» What you have to do
Scan the records below for the line with "#184721 = EDGE_CURVE" and the line with "#196020 = CARTESIAN_POINT". Repeat those two lines and every line between them exactly, and nothing else.

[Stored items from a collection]
● ● ● ● ● ● ●

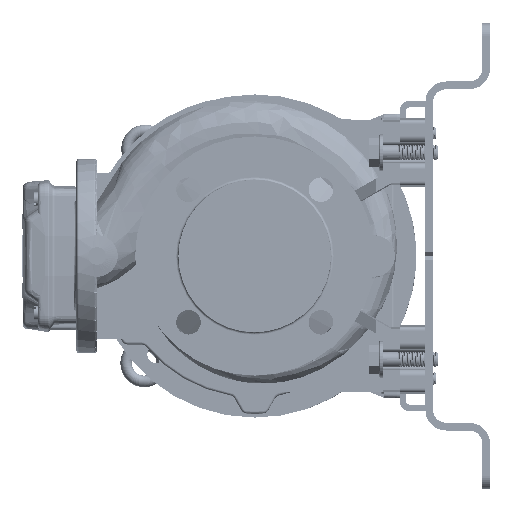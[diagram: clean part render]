
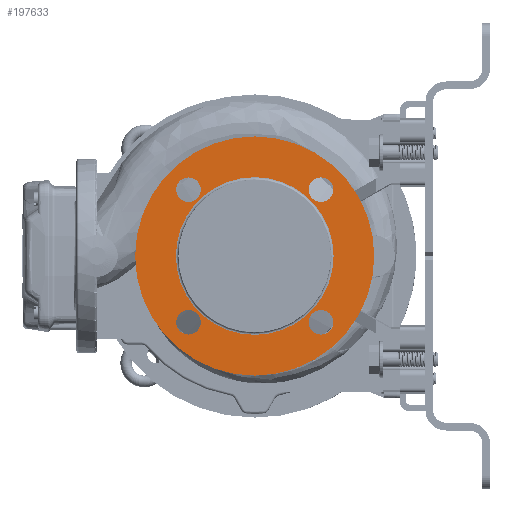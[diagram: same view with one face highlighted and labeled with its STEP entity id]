
A CAD part, left-side view. The second image highlights one B-rep face of the part: STEP entity #197633.
In plain terms, the highlighted planar face has unit normal (-1, 0, 0).
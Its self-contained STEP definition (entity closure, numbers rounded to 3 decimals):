
#1145 = VERTEX_POINT ( 'NONE', #13603 ) ;
#5625 = CIRCLE ( 'NONE', #16254, 9.5 ) ;
#8182 = EDGE_LOOP ( 'NONE', ( #46707, #157031 ) ) ;
#11468 = ORIENTED_EDGE ( 'NONE', *, *, #177914, .F. ) ;
#13603 = CARTESIAN_POINT ( 'NONE',  ( -71.025, 235.677, 232.79 ) ) ;
#15118 = EDGE_CURVE ( 'NONE', #1145, #20210, #105733, .T. ) ;
#16254 = AXIS2_PLACEMENT_3D ( 'NONE', #140729, #21655, #53974 ) ;
#17861 = EDGE_CURVE ( 'NONE', #91637, #64071, #149113, .T. ) ;
#19530 = EDGE_CURVE ( 'NONE', #187948, #158441, #79441, .T. ) ;
#19737 = ORIENTED_EDGE ( 'NONE', *, *, #26195, .F. ) ;
#20210 = VERTEX_POINT ( 'NONE', #57660 ) ;
#21241 = AXIS2_PLACEMENT_3D ( 'NONE', #153186, #118694, #150992 ) ;
#21544 = DIRECTION ( 'NONE',  ( 0., 0., 1. ) ) ;
#21655 = DIRECTION ( 'NONE',  ( -1., 0., 0. ) ) ;
#22724 = DIRECTION ( 'NONE',  ( 0., -1., 0. ) ) ;
#23713 = FACE_BOUND ( 'NONE', #102896, .T. ) ;
#24568 = DIRECTION ( 'NONE',  ( -1., 0., 0. ) ) ;
#24851 = CARTESIAN_POINT ( 'NONE',  ( -71.025, 204.177, 232.79 ) ) ;
#25310 = VERTEX_POINT ( 'NONE', #41452 ) ;
#26195 = EDGE_CURVE ( 'NONE', #64071, #91637, #106994, .T. ) ;
#26703 = DIRECTION ( 'NONE',  ( -1., 0., 0. ) ) ;
#27483 = EDGE_CURVE ( 'NONE', #87370, #25310, #192787, .T. ) ;
#27640 = EDGE_CURVE ( 'NONE', #158441, #187948, #36281, .T. ) ;
#30068 = CIRCLE ( 'NONE', #193565, 92.5 ) ;
#32983 = AXIS2_PLACEMENT_3D ( 'NONE', #24851, #106087, #60445 ) ;
#34609 = CARTESIAN_POINT ( 'NONE',  ( -71.025, 203.943, 284.056 ) ) ;
#34816 = DIRECTION ( 'NONE',  ( -1., 0., 0. ) ) ;
#36281 = CIRCLE ( 'NONE', #157232, 61. ) ;
#38342 = VERTEX_POINT ( 'NONE', #38420 ) ;
#38401 = ORIENTED_EDGE ( 'NONE', *, *, #101371, .F. ) ;
#38420 = CARTESIAN_POINT ( 'NONE',  ( -71.025, 101.412, 181.525 ) ) ;
#41452 = CARTESIAN_POINT ( 'NONE',  ( -71.025, 184.943, 284.056 ) ) ;
#44527 = CARTESIAN_POINT ( 'NONE',  ( -71.025, 143.177, 232.79 ) ) ;
#45922 = EDGE_CURVE ( 'NONE', #25310, #87370, #160718, .T. ) ;
#46707 = ORIENTED_EDGE ( 'NONE', *, *, #121687, .T. ) ;
#48135 = VERTEX_POINT ( 'NONE', #171833 ) ;
#49606 = EDGE_LOOP ( 'NONE', ( #93863, #19737 ) ) ;
#49754 = DIRECTION ( 'NONE',  ( -1., 0., 0. ) ) ;
#51969 = DIRECTION ( 'NONE',  ( 0., 0., 1. ) ) ;
#53974 = DIRECTION ( 'NONE',  ( 0., 1., 0. ) ) ;
#55894 = ORIENTED_EDGE ( 'NONE', *, *, #27640, .F. ) ;
#56060 = CARTESIAN_POINT ( 'NONE',  ( -71.025, 194.443, 181.525 ) ) ;
#57158 = FACE_BOUND ( 'NONE', #102062, .T. ) ;
#57660 = CARTESIAN_POINT ( 'NONE',  ( -71.025, 50.677, 232.79 ) ) ;
#59337 = FACE_BOUND ( 'NONE', #49606, .T. ) ;
#60445 = DIRECTION ( 'NONE',  ( 0., 1., 0. ) ) ;
#61310 = AXIS2_PLACEMENT_3D ( 'NONE', #150011, #63269, #131130 ) ;
#63269 = DIRECTION ( 'NONE',  ( -1., 0., 0. ) ) ;
#64071 = VERTEX_POINT ( 'NONE', #196020 ) ;
#66929 = CARTESIAN_POINT ( 'NONE',  ( -71.025, 194.443, 284.056 ) ) ;
#70453 = CARTESIAN_POINT ( 'NONE',  ( -71.025, 91.912, 284.056 ) ) ;
#71319 = DIRECTION ( 'NONE',  ( -1., 0., 0. ) ) ;
#74808 = DIRECTION ( 'NONE',  ( 0., -1., 0. ) ) ;
#78562 = EDGE_LOOP ( 'NONE', ( #38401, #116268 ) ) ;
#79441 = CIRCLE ( 'NONE', #185534, 61. ) ;
#84831 = ORIENTED_EDGE ( 'NONE', *, *, #27483, .F. ) ;
#85077 = AXIS2_PLACEMENT_3D ( 'NONE', #85366, #49754, #51969 ) ;
#85366 = CARTESIAN_POINT ( 'NONE',  ( -71.025, 194.443, 181.525 ) ) ;
#87370 = VERTEX_POINT ( 'NONE', #34609 ) ;
#89397 = DIRECTION ( 'NONE',  ( -1., 0., 0. ) ) ;
#91500 = CARTESIAN_POINT ( 'NONE',  ( -71.025, 143.177, 232.79 ) ) ;
#91637 = VERTEX_POINT ( 'NONE', #118835 ) ;
#93863 = ORIENTED_EDGE ( 'NONE', *, *, #17861, .F. ) ;
#94815 = EDGE_LOOP ( 'NONE', ( #173372, #55894 ) ) ;
#95850 = CIRCLE ( 'NONE', #21241, 9.5 ) ;
#101371 = EDGE_CURVE ( 'NONE', #181721, #38342, #120779, .T. ) ;
#102062 = EDGE_LOOP ( 'NONE', ( #111076, #84831 ) ) ;
#102896 = EDGE_LOOP ( 'NONE', ( #11468, #192426 ) ) ;
#105733 = CIRCLE ( 'NONE', #176801, 92.5 ) ;
#106087 = DIRECTION ( 'NONE',  ( 1., 0., 0. ) ) ;
#106994 = CIRCLE ( 'NONE', #195801, 9.5 ) ;
#107970 = EDGE_CURVE ( 'NONE', #48135, #177160, #180167, .T. ) ;
#111076 = ORIENTED_EDGE ( 'NONE', *, *, #45922, .F. ) ;
#111266 = CARTESIAN_POINT ( 'NONE',  ( -71.025, 91.912, 181.525 ) ) ;
#111520 = DIRECTION ( 'NONE',  ( -1., 0., 0. ) ) ;
#115766 = CARTESIAN_POINT ( 'NONE',  ( -71.025, 82.412, 181.525 ) ) ;
#116268 = ORIENTED_EDGE ( 'NONE', *, *, #184721, .F. ) ;
#118694 = DIRECTION ( 'NONE',  ( -1., 0., 0. ) ) ;
#118835 = CARTESIAN_POINT ( 'NONE',  ( -71.025, 184.943, 181.525 ) ) ;
#120779 = CIRCLE ( 'NONE', #131421, 9.5 ) ;
#121687 = EDGE_CURVE ( 'NONE', #20210, #1145, #30068, .T. ) ;
#124002 = DIRECTION ( 'NONE',  ( -1., 0., 0. ) ) ;
#128274 = FACE_BOUND ( 'NONE', #94815, .T. ) ;
#130451 = AXIS2_PLACEMENT_3D ( 'NONE', #70453, #34816, #191696 ) ;
#131130 = DIRECTION ( 'NONE',  ( 0., -1., 0. ) ) ;
#131421 = AXIS2_PLACEMENT_3D ( 'NONE', #111266, #26703, #145742 ) ;
#134795 = DIRECTION ( 'NONE',  ( 0., -1., 0. ) ) ;
#135953 = AXIS2_PLACEMENT_3D ( 'NONE', #66929, #71319, #134795 ) ;
#140729 = CARTESIAN_POINT ( 'NONE',  ( -71.025, 91.912, 181.525 ) ) ;
#142549 = CARTESIAN_POINT ( 'NONE',  ( -71.025, 143.177, 232.79 ) ) ;
#143894 = FACE_BOUND ( 'NONE', #78562, .T. ) ;
#145742 = DIRECTION ( 'NONE',  ( 0., 1., 0. ) ) ;
#149113 = CIRCLE ( 'NONE', #85077, 9.5 ) ;
#150011 = CARTESIAN_POINT ( 'NONE',  ( -71.025, 194.443, 284.056 ) ) ;
#150992 = DIRECTION ( 'NONE',  ( 0., 0., -1. ) ) ;
#153186 = CARTESIAN_POINT ( 'NONE',  ( -71.025, 91.912, 284.056 ) ) ;
#157023 = CARTESIAN_POINT ( 'NONE',  ( -71.025, 82.412, 284.056 ) ) ;
#157031 = ORIENTED_EDGE ( 'NONE', *, *, #15118, .T. ) ;
#157232 = AXIS2_PLACEMENT_3D ( 'NONE', #207429, #124002, #22724 ) ;
#158441 = VERTEX_POINT ( 'NONE', #218414 ) ;
#160718 = CIRCLE ( 'NONE', #135953, 9.5 ) ;
#162544 = DIRECTION ( 'NONE',  ( -1., 0., 0. ) ) ;
#169995 = CARTESIAN_POINT ( 'NONE',  ( -71.025, 82.177, 232.79 ) ) ;
#171833 = CARTESIAN_POINT ( 'NONE',  ( -71.025, 101.412, 284.056 ) ) ;
#173372 = ORIENTED_EDGE ( 'NONE', *, *, #19530, .F. ) ;
#174005 = FACE_OUTER_BOUND ( 'NONE', #8182, .T. ) ;
#176801 = AXIS2_PLACEMENT_3D ( 'NONE', #44527, #24568, #195860 ) ;
#177160 = VERTEX_POINT ( 'NONE', #157023 ) ;
#177914 = EDGE_CURVE ( 'NONE', #177160, #48135, #95850, .T. ) ;
#180167 = CIRCLE ( 'NONE', #130451, 9.5 ) ;
#181721 = VERTEX_POINT ( 'NONE', #115766 ) ;
#184721 = EDGE_CURVE ( 'NONE', #38342, #181721, #5625, .T. ) ;
#185534 = AXIS2_PLACEMENT_3D ( 'NONE', #91500, #111520, #74808 ) ;
#187948 = VERTEX_POINT ( 'NONE', #169995 ) ;
#191696 = DIRECTION ( 'NONE',  ( 0., 0., -1. ) ) ;
#192426 = ORIENTED_EDGE ( 'NONE', *, *, #107970, .F. ) ;
#192787 = CIRCLE ( 'NONE', #61310, 9.5 ) ;
#193565 = AXIS2_PLACEMENT_3D ( 'NONE', #142549, #162544, #193710 ) ;
#193710 = DIRECTION ( 'NONE',  ( 0., -1., 0. ) ) ;
#195045 = PLANE ( 'NONE',  #32983 ) ;
#195801 = AXIS2_PLACEMENT_3D ( 'NONE', #56060, #89397, #21544 ) ;
#195860 = DIRECTION ( 'NONE',  ( 0., -1., 0. ) ) ;
#196020 = CARTESIAN_POINT ( 'NONE',  ( -71.025, 203.943, 181.525 ) ) ;
#197633 = ADVANCED_FACE ( 'NONE', ( #23713, #143894, #59337, #57158, #128274, #174005 ), #195045, .F. ) ;
#207429 = CARTESIAN_POINT ( 'NONE',  ( -71.025, 143.177, 232.79 ) ) ;
#218414 = CARTESIAN_POINT ( 'NONE',  ( -71.025, 204.177, 232.79 ) ) ;

● ● ● ● ● ● ●

» Solution to the exercise
#184721 = EDGE_CURVE ( 'NONE', #38342, #181721, #5625, .T. ) ;
#185534 = AXIS2_PLACEMENT_3D ( 'NONE', #91500, #111520, #74808 ) ;
#187948 = VERTEX_POINT ( 'NONE', #169995 ) ;
#191696 = DIRECTION ( 'NONE',  ( 0., 0., -1. ) ) ;
#192426 = ORIENTED_EDGE ( 'NONE', *, *, #107970, .F. ) ;
#192787 = CIRCLE ( 'NONE', #61310, 9.5 ) ;
#193565 = AXIS2_PLACEMENT_3D ( 'NONE', #142549, #162544, #193710 ) ;
#193710 = DIRECTION ( 'NONE',  ( 0., -1., 0. ) ) ;
#195045 = PLANE ( 'NONE',  #32983 ) ;
#195801 = AXIS2_PLACEMENT_3D ( 'NONE', #56060, #89397, #21544 ) ;
#195860 = DIRECTION ( 'NONE',  ( 0., -1., 0. ) ) ;
#196020 = CARTESIAN_POINT ( 'NONE',  ( -71.025, 203.943, 181.525 ) ) ;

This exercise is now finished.